Thursday, February 3, 2011

Ownership of coal in Bangladesh


Md. Mosharraf Hossain

Ownership of coal in Bangladesh

Historically exploration and exploitation of minerals resources, including coal, have been allowed in lieu of payment by the sponsor a percentage of the value of minerals as 'Royalty'. This was the practice by the then British Empire in India, Australia and Africa. This royalty was taken as a symbol of ownership by the crown and the mining companies could invest explore, develop, process and sell the minerals for its own gain by paying the royalty to the crown. Through the process of payment of royalty, ownership of minerals is transferred to the developers, empowering them to do anything with the minerals. In some states the ownership of minerals found under the land in an individual's possession belongs to him and not to the state.
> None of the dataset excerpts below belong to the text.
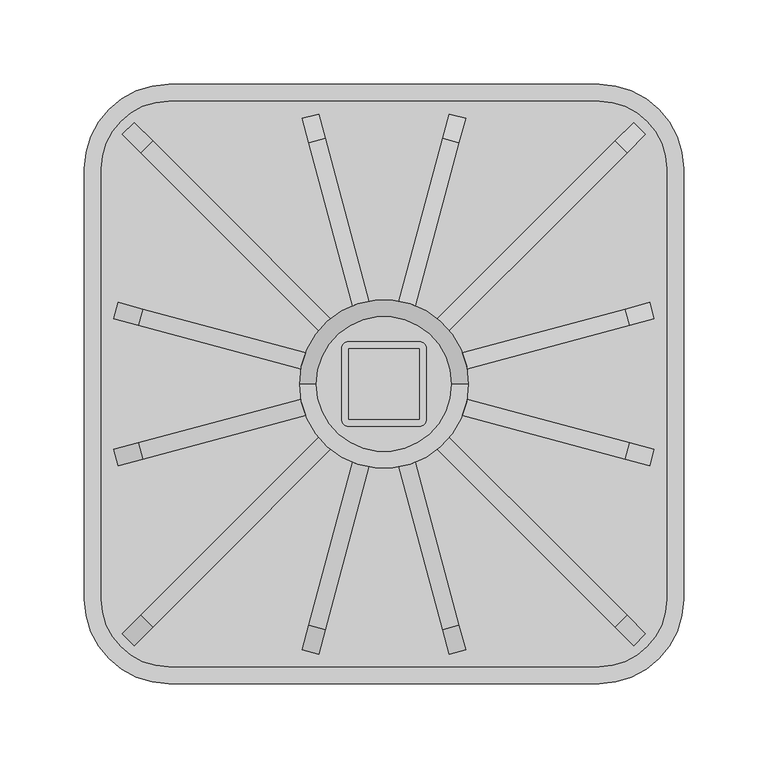
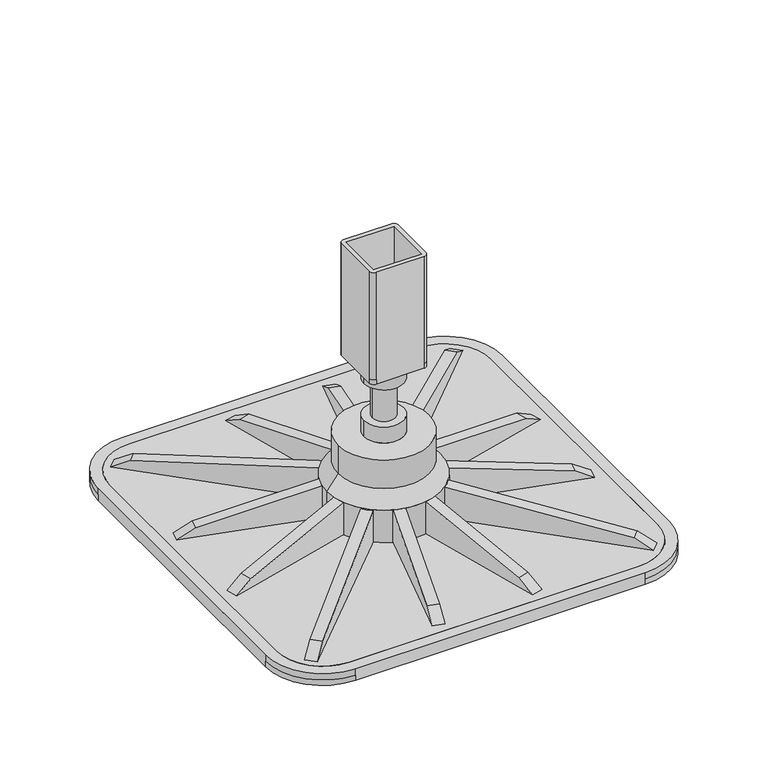
"""IFC4 building model written with IfcOpenShell, lengths in millimetres: proxy geometry, TN_Кровельная опора ТехноНИКОЛЬ : Кровельная опора ТехноНИКОЛЬ 355х355мм с вертикальным кронштейном."""

from ifc_helpers import new_model, si_unit, point, frame, frame_2d, origin, origin_2d, place, context, project, spatial, polyline, circle_curve, trimmed, segment, composite_curve, outline, extrude, source, transform, mapped, element, save
from ifc_brep_helpers import plane_surface, cylinder_surface, revolved_surface, advanced_brep


def generic_models_a60a2459(model_context):
    return source(origin(), model_context, "Body", "SolidModel", [
        extrude(outline(polyline([(214.1306058, 0.0), (198.8913097, -8.6706701), (0.0, -35.5445162), (0.0, 0.0), (214.1306058, 0.0)])), frame((-3.5355339, -3.5355339, 11.0), z_axis=(0.7071067811865469, 0.7071067811865482, 0.0), x_axis=(0.7071067811865482, -0.7071067811865469, 0.0)), (0.0, 0.0, 1.0), 10.0),
        extrude(outline(polyline([(0.0, 0.0), (17.5333016, 1e-07), (203.6920691, -74.9991329), (186.1143887, -105.8931094), (0.0, 0.0)])), frame((154.9487373, 147.8776695, 11.0), z_axis=(-0.707106781186547, 0.7071067811865481, 0.0), x_axis=(-0.6145910150795418, -0.6145910150795407, 0.49452580151797754)), (0.0, 0.0, 1.0), 10.0),
        extrude(outline(polyline([(-214.1306058, 0.0), (0.0, 0.0), (0.0, -35.5445162), (-198.8913097, -8.6706701), (-214.1306058, 0.0)])), frame((-3.5355339, -3.5355339, 11.0), z_axis=(0.7071067811865469, 0.7071067811865482, 0.0), x_axis=(0.7071067811865482, -0.7071067811865469, 0.0)), (0.0, 0.0, 1.0), 10.0),
        extrude(outline(polyline([(0.0, 0.0), (-142.9576707, -80.9713708), (-162.6162897, -46.2634197), (-17.1780129, 0.0), (0.0, 0.0)])), frame((-38.6654497, -159.9920884, 11.0), z_axis=(-0.9659258262890678, 0.25881904510252296, 0.0), x_axis=(-0.22520396734385073, -0.8404726481933256, -0.4928376007687403)), (0.0, 0.0, 1.0), 10.0),
        extrude(outline(polyline([(164.4678969, 0.0), (149.5209418, -8.4659707), (0.1716447, -39.8886346), (0.1716447, 0.0), (164.4678969, 0.0)])), frame((-3.9019744, -1.1282992, 11.0), z_axis=(0.9659258262890678, 0.25881904510252296, 0.0), x_axis=(0.25881904510252296, -0.9659258262890678, 0.0)), (0.0, 0.0, 1.0), 10.0),
        extrude(outline(polyline([(0.0, 0.0), (17.1780129, 0.0), (162.6162896, -46.2634196), (142.9576706, -80.9713707), (0.0, 0.0)])), frame((157.4038979, -48.3247079, 11.0), z_axis=(0.2588190451025272, 0.9659258262890665, 0.0), x_axis=(-0.8404726481933232, 0.22520396734385406, 0.4928376007687429)), (0.0, 0.0, 1.0), 10.0),
        extrude(outline(polyline([(164.4678969, 0.0), (149.5209418, -8.4659707), (0.1716447, -39.8886346), (0.1716447, 0.0), (164.4678969, 0.0)])), frame((1.1282992, -3.9019744, 11.0), z_axis=(-0.25881904510252723, 0.9659258262890665, 0.0), x_axis=(0.9659258262890665, 0.25881904510252723, 0.0)), (0.0, 0.0, 1.0), 10.0),
        extrude(outline(polyline([(0.0, 0.0), (17.1780129, 0.0), (162.6162896, -46.2634196), (142.9576706, -80.9713707), (0.0, 0.0)])), frame((48.3247079, 157.4038979, 11.0), z_axis=(-0.9659258262890661, 0.2588190451025289, 0.0), x_axis=(-0.22520396734385595, -0.8404726481933242, 0.4928376007687402)), (0.0, 0.0, 1.0), 10.0),
        extrude(outline(polyline([(-164.4678969, 0.0), (-0.1716447, 0.0), (-0.1716447, -39.8886346), (-149.5209418, -8.4659707), (-164.4678969, 0.0)])), frame((-5.7572839, -1.4598913, 11.0), z_axis=(0.9659258262890661, 0.25881904510252896, 0.0), x_axis=(0.25881904510252896, -0.9659258262890661, 0.0)), (0.0, 0.0, 1.0), 10.0),
        extrude(outline(polyline([(0.0, 0.0), (-142.9576707, -80.9713708), (-162.6162897, -46.2634197), (-17.1780129, 0.0), (0.0, 0.0)])), frame((-159.9920884, 38.6654497, 11.0), z_axis=(0.25881904510253323, 0.9659258262890649, 0.0), x_axis=(-0.8404726481933251, 0.2252039673438602, -0.4928376007687367)), (0.0, 0.0, 1.0), 10.0),
        extrude(outline(composite_curve([segment(trimmed(circle_curve(origin_2d(), 17.25), [point((-17.25, 0.0))], [point((17.25, 0.0))], False, "CARTESIAN"), True, "CONTINUOUS"), segment(trimmed(circle_curve(origin_2d(), 17.25), [point((17.25, 0.0))], [point((-17.25, 0.0))], False, "CARTESIAN"), True, "CONTINUOUS")], self_intersect=False)), frame((0.0, 0.0, 130.0), z_axis=(0.0, 0.0, 1.0), x_axis=(1.0, 0.0, 0.0)), (0.0, 0.0, 1.0), 16.0),
        advanced_brep(
        [(-21.0, 21.0, 150.0), (-21.0, -21.0, 150.0), (21.0, -21.0, 150.0), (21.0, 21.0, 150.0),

Any developer willing to develop these minerals must pay the royalty to the individual owner of the land to become a legal owner of the said minerals. The developer thus obtains the right for mining and selling the minerals under the land of the original property holder through payment of royalty. When the mineral-bearing property of the Republic is allowed to be worked out by any individual under the royalty system, obviously he is given the ownership of the minerals for which the royalty is being paid and thus the ownership is effectively being allowed to change from the Republic to a company. Such change of ownership is not permissible for the underground minerals of Bangladesh as per the country's Constitution.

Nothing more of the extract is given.